> **Given data**:
..............................
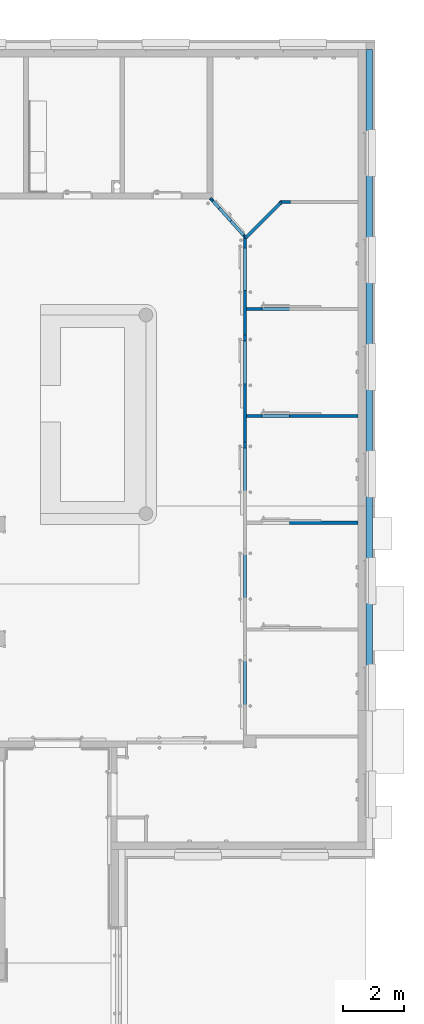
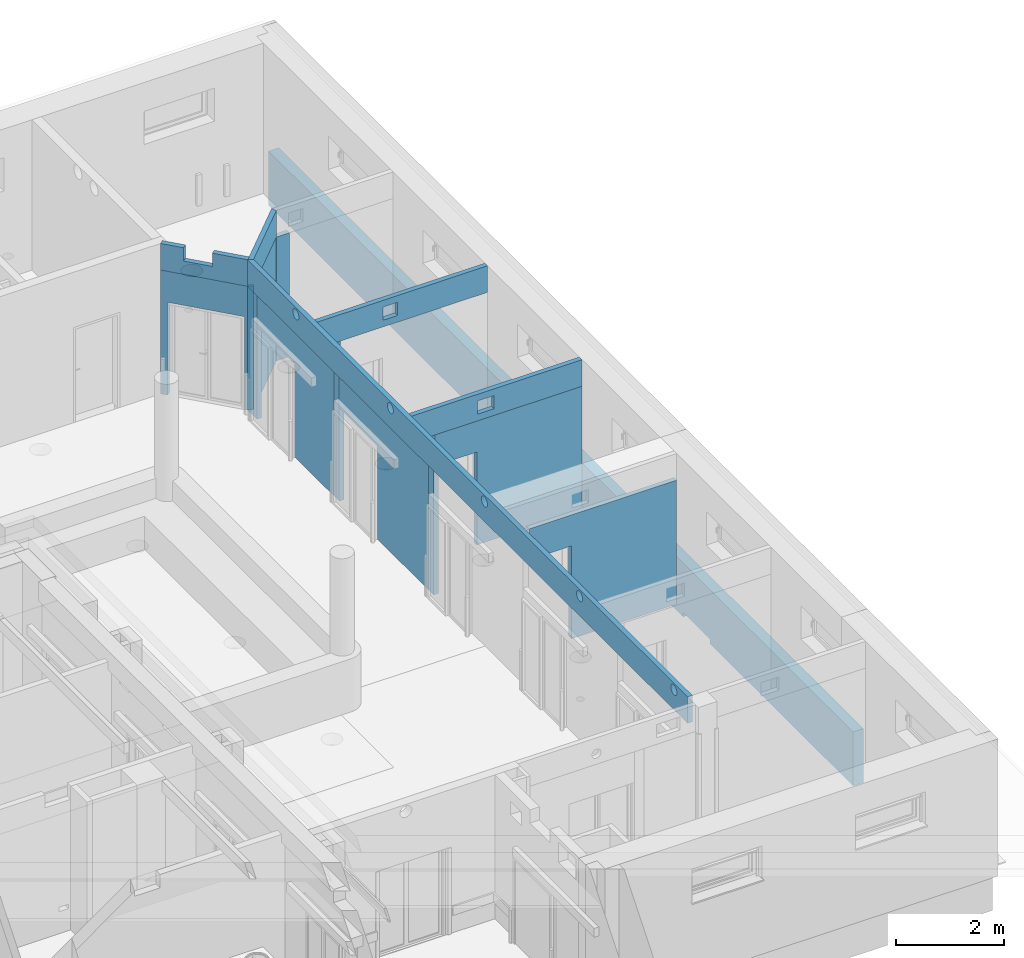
# One storey, part 58 of 140: 20 walls, 14 openings.
"""IFC4 building model written with IfcOpenShell, lengths in metres."""

from ifc_helpers import new_model, entity, si_unit, converted_unit, derived_unit, frame, frame_2d, origin, origin_with_axes, place, context, subcontext, project, spatial, polyline, rectangle, outline, extrude, material, layer, layer_set, layer_usage, element, save


model = new_model("IFC4")

# Units and contexts
model_context = context("Model", 3, precision=1e-05, world=origin())
body_context = subcontext(model_context, "Body", "Model", "MODEL_VIEW")
ifc_project = project(units=[si_unit("LENGTHUNIT", "METRE"), si_unit("AREAUNIT", "SQUARE_METRE"), si_unit("VOLUMEUNIT", "CUBIC_METRE"), si_unit("MASSUNIT", "GRAM", prefix="KILO"), converted_unit("PLANEANGLEUNIT", "DEGREE", entity("IfcPlaneAngleMeasure", 0.0174532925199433), si_unit("PLANEANGLEUNIT", "RADIAN"), dimensions=[0, 0, 0, 0, 0, 0, 0]), derived_unit("THERMALTRANSMITTANCEUNIT", [(si_unit("POWERUNIT", "WATT"), 1), (si_unit("THERMODYNAMICTEMPERATUREUNIT", "KELVIN"), -1), (si_unit("LENGTHUNIT", "METRE"), -2)]), derived_unit("VOLUMETRICFLOWRATEUNIT", [(si_unit("LENGTHUNIT", "METRE"), 3), (converted_unit("TIMEUNIT", "hour", entity("IfcTimeMeasure", 3600.0), si_unit("TIMEUNIT", "SECOND"), dimensions=[0, 0, 1, 0, 0, 0, 0]), -1), (si_unit("LENGTHUNIT", "METRE"), -1)])], contexts=[model_context])

# Site, building, storey
site_placement = place(None, origin())
site = spatial("IfcSite", under=ifc_project, at=site_placement, Name="3. ASŘ", CompositionType="ELEMENT")
building_placement = place(site_placement, origin())
building = spatial("IfcBuilding", under=site, at=building_placement, Name="Pavilon C", CompositionType="ELEMENT")
storey_placement = place(building_placement, origin())
storey = spatial("IfcBuildingStorey", under=building, at=storey_placement, Name="Půdorys 1.NP", CompositionType="ELEMENT", Elevation=0.0)

# Wall
ifc_material_1 = material(Name="PROSKLENÁ PŘÍČKA DVOJITÁ")
ifc_layer_1 = layer(ifc_material_1, 0.099999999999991)
ifc_layer_set_1 = layer_set([ifc_layer_1])
ifc_layer_usage_1 = layer_usage(ifc_layer_set_1, "AXIS2", "POSITIVE", 0.0)
wall_1_placement = place(storey_placement, frame((59.9282842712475, 26.3741212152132, 0.0), z_axis=(0.0, 0.0, 1.0), x_axis=(0.707106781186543, 0.707106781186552, 0.0)))
element("IfcWall", 1, at=wall_1_placement, inside=storey, material=ifc_layer_usage_1, Name="PROSKLENÁ PŘÍČKA DVOJITÁ", context=body_context, shape_type="SweptSolid", body=[
    extrude(rectangle(XDim=1.55223304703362, YDim=0.0999999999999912, at=frame_2d((0.776116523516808, 0.0499999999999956), x_axis=(1.0, 0.0))), origin_with_axes(), (0.0, 0.0, 1.0), 2.8),
])

# Wall, opening
ifc_material_2 = material(Name="PROSKLENÁ PŘÍČKA DVOJITÁ")
ifc_layer_2 = layer(ifc_material_2, 0.0999999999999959)
ifc_layer_set_2 = layer_set([ifc_layer_2])
ifc_layer_usage_2 = layer_usage(ifc_layer_set_2, "AXIS2", "POSITIVE", 0.0)
wall_2_placement = place(storey_placement, frame((58.665792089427, 27.65, 0.0), z_axis=(0.0, 0.0, 1.0), x_axis=(0.668228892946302, -0.743955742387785, 0.0)))
wall_2 = element("IfcWall", 2, at=wall_2_placement, inside=storey, material=ifc_layer_usage_2, Name="PROSKLENÁ PŘÍČKA DVOJITÁ", context=body_context, shape_type="SweptSolid", body=[
    extrude(outline(polyline([(-0.939423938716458, 0.843800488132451), (0.757910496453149, 0.843800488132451), (0.752548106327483, 0.943800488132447), (-0.849602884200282, 0.943800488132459), (-0.939423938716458, 0.843800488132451)])), frame((0.939423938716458, -0.843800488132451, 0.0), z_axis=(0.0, 0.0, 1.0), x_axis=(1.0, 0.0, 0.0)), (0.0, 0.0, 1.0), 2.8),
])
opening_1_placement = place(wall_2_placement, frame((0.136584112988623, 6.25277607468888e-16, 0.0), z_axis=(5.68434188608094e-15, 1.0, 0.0), x_axis=(0.0, 0.0, 1.0)))
element("IfcOpeningElement", 3, at=opening_1_placement, cuts=wall_2, Name="Dveřní otvor", ObjectType="Opening", context=body_context, shape_type="SweptSolid", body=[
    extrude(outline(polyline([(0.0, 1.49999999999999), (2.1, 1.49999999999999), (2.1, 0.0), (0.0, 0.0), (0.0, 1.49999999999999)])), origin_with_axes(), (0.0, 0.0, 1.0), 0.100000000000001),
])

# Walls
ifc_material_3 = material(Name="PROSKLENÁ PŘÍČKA PLNÝ PANEL")
ifc_layer_3 = layer(ifc_material_3, 0.1)
ifc_layer_set_3 = layer_set([ifc_layer_3])
ifc_layer_usage_3 = layer_usage(ifc_layer_set_3, "AXIS2", "POSITIVE", 0.0)
wall_3_placement = place(storey_placement, frame((59.9, 26.05, 0.0), z_axis=(0.0, 0.0, 1.0), x_axis=(0.0, 1.0, 0.0)))
element("IfcWall", 4, at=wall_3_placement, inside=storey, material=ifc_layer_usage_3, Name="PROSKLENÁ PŘÍČKA DVOJITÁ", context=body_context, shape_type="SweptSolid", body=[
    extrude(outline(polyline([(0.0, -0.1), (0.29583694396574, -0.1), (0.337258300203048, 0.0), (0.0, 0.0), (0.0, -0.1)])), frame((0.0, 0.1, 0.0), z_axis=(0.0, 0.0, 1.0), x_axis=(1.0, 0.0, 0.0)), (0.0, 0.0, 1.0), 2.8),
])
ifc_material_4 = material(Name="PROSKLENÁ PŘÍČKA PLNÝ PANEL")
ifc_layer_4 = layer(ifc_material_4, 0.1)
ifc_layer_set_4 = layer_set([ifc_layer_4])
ifc_layer_usage_4 = layer_usage(ifc_layer_set_4, "AXIS2", "POSITIVE", 0.0)
wall_4_placement = place(storey_placement, frame((59.9, 23.0, 0.0), z_axis=(0.0, 0.0, 1.0), x_axis=(0.0, 1.0, 0.0)))
element("IfcWall", 5, at=wall_4_placement, inside=storey, material=ifc_layer_usage_4, Name="PROSKLENÁ PŘÍČKA DVOJITÁ", context=body_context, shape_type="SweptSolid", body=[
    extrude(rectangle(XDim=0.2, YDim=0.1, at=frame_2d((0.1, 0.05), x_axis=(1.0, 0.0))), origin_with_axes(), (0.0, 0.0, 1.0), 2.8),
])
ifc_material_5 = material(Name="PROSKLENÁ PŘÍČKA PLNÝ PANEL")
ifc_layer_5 = layer(ifc_material_5, 0.1)
ifc_layer_set_5 = layer_set([ifc_layer_5])
ifc_layer_usage_5 = layer_usage(ifc_layer_set_5, "AXIS2", "POSITIVE", 0.0)
wall_5_placement = place(storey_placement, frame((59.9, 19.5, 0.0), z_axis=(0.0, 0.0, 1.0), x_axis=(0.0, 1.0, 0.0)))
element("IfcWall", 6, at=wall_5_placement, inside=storey, material=ifc_layer_usage_5, Name="PROSKLENÁ PŘÍČKA DVOJITÁ", context=body_context, shape_type="SweptSolid", body=[
    extrude(rectangle(XDim=0.2, YDim=0.1, at=frame_2d((0.1, 0.05), x_axis=(1.0, 0.0))), origin_with_axes(), (0.0, 0.0, 1.0), 2.8),
])

# Wall, opening
ifc_material_6 = material(Name="PROSKLENÁ PŘÍČKA DVOJITÁ")
ifc_layer_6 = layer(ifc_material_6, 0.1)
ifc_layer_set_6 = layer_set([ifc_layer_6])
ifc_layer_usage_6 = layer_usage(ifc_layer_set_6, "AXIS2", "POSITIVE", 0.0)
wall_6_placement = place(storey_placement, frame((59.9, 23.2, 0.0), z_axis=(0.0, 0.0, 1.0), x_axis=(0.0, 1.0, 0.0)))
wall_6 = element("IfcWall", 7, at=wall_6_placement, inside=storey, material=ifc_layer_usage_6, Name="PROSKLENÁ PŘÍČKA DVOJITÁ", context=body_context, shape_type="SweptSolid", body=[
    extrude(rectangle(XDim=2.85, YDim=0.1, at=frame_2d((1.425, 0.05), x_axis=(1.0, 0.0))), origin_with_axes(), (0.0, 0.0, 1.0), 2.8),
])
opening_2_placement = place(wall_6_placement, frame((2.85, 0.1, 0.0), z_axis=(0.0, -1.0, 0.0), x_axis=(0.0, 0.0, 1.0)))
element("IfcOpeningElement", 8, at=opening_2_placement, cuts=wall_6, Name="Dveřní otvor", ObjectType="Opening", context=body_context, shape_type="SweptSolid", body=[
    extrude(outline(polyline([(0.0, 1.4), (2.1, 1.4), (2.1, 0.0), (0.0, 0.0), (0.0, 1.4)])), origin_with_axes(), (0.0, 0.0, 1.0), 0.1),
])

ifc_material_7 = material(Name="PROSKLENÁ PŘÍČKA DVOJITÁ")
ifc_layer_7 = layer(ifc_material_7, 0.1)
ifc_layer_set_7 = layer_set([ifc_layer_7])
ifc_layer_usage_7 = layer_usage(ifc_layer_set_7, "AXIS2", "POSITIVE", 0.0)
wall_7_placement = place(storey_placement, frame((59.8, 23.0, 0.0), z_axis=(0.0, 0.0, 1.0), x_axis=(0.0, -1.0, 0.0)))
wall_7 = element("IfcWall", 9, at=wall_7_placement, inside=storey, material=ifc_layer_usage_7, Name="PROSKLENÁ PŘÍČKA DVOJITÁ", context=body_context, shape_type="SweptSolid", body=[
    extrude(rectangle(XDim=3.30000000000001, YDim=0.1, at=frame_2d((1.65, 0.05), x_axis=(1.0, 0.0))), origin_with_axes(), (0.0, 0.0, 1.0), 2.8),
])
opening_3_placement = place(wall_7_placement, frame((0.0, 0.0, 0.0), z_axis=(0.0, 1.0, 0.0), x_axis=(0.0, 0.0, 1.0)))
element("IfcOpeningElement", 10, at=opening_3_placement, cuts=wall_7, Name="Dveřní otvor", ObjectType="Opening", context=body_context, shape_type="SweptSolid", body=[
    extrude(outline(polyline([(0.0, 1.4), (2.1, 1.4), (2.1, 0.0), (0.0, 0.0), (0.0, 1.4)])), origin_with_axes(), (0.0, 0.0, 1.0), 0.1),
])

ifc_material_8 = material(Name="PROSKLENÁ PŘÍČKA DVOJITÁ")
ifc_layer_8 = layer(ifc_material_8, 0.1)
ifc_layer_set_8 = layer_set([ifc_layer_8])
ifc_layer_usage_8 = layer_usage(ifc_layer_set_8, "AXIS2", "POSITIVE", 0.0)
wall_8_placement = place(storey_placement, frame((60.4, 17.0, 0.0)))
wall_8 = element("IfcWall", 11, at=wall_8_placement, inside=storey, material=ifc_layer_usage_8, Name="PROSKLENÁ PŘÍČKA DVOJITÁ", context=body_context, shape_type="SweptSolid", body=[
    extrude(rectangle(XDim=3.15, YDim=0.1, at=frame_2d((1.575, 0.05), x_axis=(1.0, 0.0))), origin_with_axes(), (0.0, 0.0, 1.0), 2.8),
])
opening_4_placement = place(wall_8_placement, frame((0.0, 0.0, 0.0), z_axis=(0.0, 1.0, 0.0), x_axis=(0.0, 0.0, 1.0)))
element("IfcOpeningElement", 12, at=opening_4_placement, cuts=wall_8, Name="Dveřní otvor", ObjectType="Opening", context=body_context, shape_type="SweptSolid", body=[
    extrude(outline(polyline([(0.0, 0.9), (2.1, 0.9), (2.1, 0.0), (0.0, 0.0), (0.0, 0.9)])), origin_with_axes(), (0.0, 0.0, 1.0), 0.1),
])

ifc_material_9 = material(Name="PROSKLENÁ PŘÍČKA DVOJITÁ")
ifc_layer_9 = layer(ifc_material_9, 0.1)
ifc_layer_set_9 = layer_set([ifc_layer_9])
ifc_layer_usage_9 = layer_usage(ifc_layer_set_9, "AXIS2", "POSITIVE", 0.0)
wall_9_placement = place(storey_placement, frame((60.4, 20.5, 0.0)))
wall_9 = element("IfcWall", 13, at=wall_9_placement, inside=storey, material=ifc_layer_usage_9, Name="PROSKLENÁ PŘÍČKA DVOJITÁ", context=body_context, shape_type="SweptSolid", body=[
    extrude(rectangle(XDim=3.15, YDim=0.1, at=frame_2d((1.575, 0.05), x_axis=(1.0, 0.0))), origin_with_axes(), (0.0, 0.0, 1.0), 2.8),
])
opening_5_placement = place(wall_9_placement, frame((0.0, 0.0, 0.0), z_axis=(0.0, 1.0, 0.0), x_axis=(0.0, 0.0, 1.0)))
element("IfcOpeningElement", 14, at=opening_5_placement, cuts=wall_9, Name="Dveřní otvor", ObjectType="Opening", context=body_context, shape_type="SweptSolid", body=[
    extrude(outline(polyline([(0.0, 0.9), (2.1, 0.9), (2.1, 0.0), (0.0, 0.0), (0.0, 0.9)])), origin_with_axes(), (0.0, 0.0, 1.0), 0.1),
])

# Walls
ifc_material_10 = material(Name="PROSKLENÁ PŘÍČKA PLNÝ PANEL")
ifc_layer_10 = layer(ifc_material_10, 0.1)
ifc_layer_set_10 = layer_set([ifc_layer_10])
ifc_layer_usage_10 = layer_usage(ifc_layer_set_10, "AXIS2", "POSITIVE", 0.0)
wall_10_placement = place(storey_placement, frame((60.4, 20.6, 0.0), z_axis=(0.0, 0.0, 1.0), x_axis=(-1.0, 0.0, 0.0)))
element("IfcWall", 15, at=wall_10_placement, inside=storey, material=ifc_layer_usage_10, Name="PROSKLENÁ PŘÍČKA DVOJITÁ", context=body_context, shape_type="SweptSolid", body=[
    extrude(rectangle(XDim=0.5, YDim=0.1, at=frame_2d((0.25, 0.05), x_axis=(1.0, 0.0))), origin_with_axes(), (0.0, 0.0, 1.0), 2.8),
])
ifc_material_11 = material(Name="PROSKLENÁ PŘÍČKA PLNÝ PANEL")
ifc_layer_11 = layer(ifc_material_11, 0.1)
ifc_layer_set_11 = layer_set([ifc_layer_11])
ifc_layer_usage_11 = layer_usage(ifc_layer_set_11, "AXIS2", "POSITIVE", 0.0)
wall_11_placement = place(storey_placement, frame((60.4, 24.1, 0.0), z_axis=(0.0, 0.0, 1.0), x_axis=(-1.0, 0.0, 0.0)))
element("IfcWall", 16, at=wall_11_placement, inside=storey, material=ifc_layer_usage_11, Name="PROSKLENÁ PŘÍČKA DVOJITÁ", context=body_context, shape_type="SweptSolid", body=[
    extrude(rectangle(XDim=0.5, YDim=0.1, at=frame_2d((0.25, 0.05), x_axis=(1.0, 0.0))), origin_with_axes(), (0.0, 0.0, 1.0), 2.8),
])
ifc_material_12 = material(Name="PROSKLENÁ PŘÍČKA PLNÝ PANEL")
ifc_layer_12 = layer(ifc_material_12, 0.1)
ifc_layer_set_12 = layer_set([ifc_layer_12])
ifc_layer_usage_12 = layer_usage(ifc_layer_set_12, "AXIS2", "POSITIVE", 0.0)
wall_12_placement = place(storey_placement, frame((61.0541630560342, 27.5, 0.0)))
..............................
> **Prompt**: The lines wanted run from the first one in the material above through the line containing "building model written"; give them again exactly, leaving out the pictures.

> **Answer for this exercise**:
# One storey, part 58 of 140: 20 walls, 14 openings.
"""IFC4 building model written with IfcOpenShell, lengths in metres."""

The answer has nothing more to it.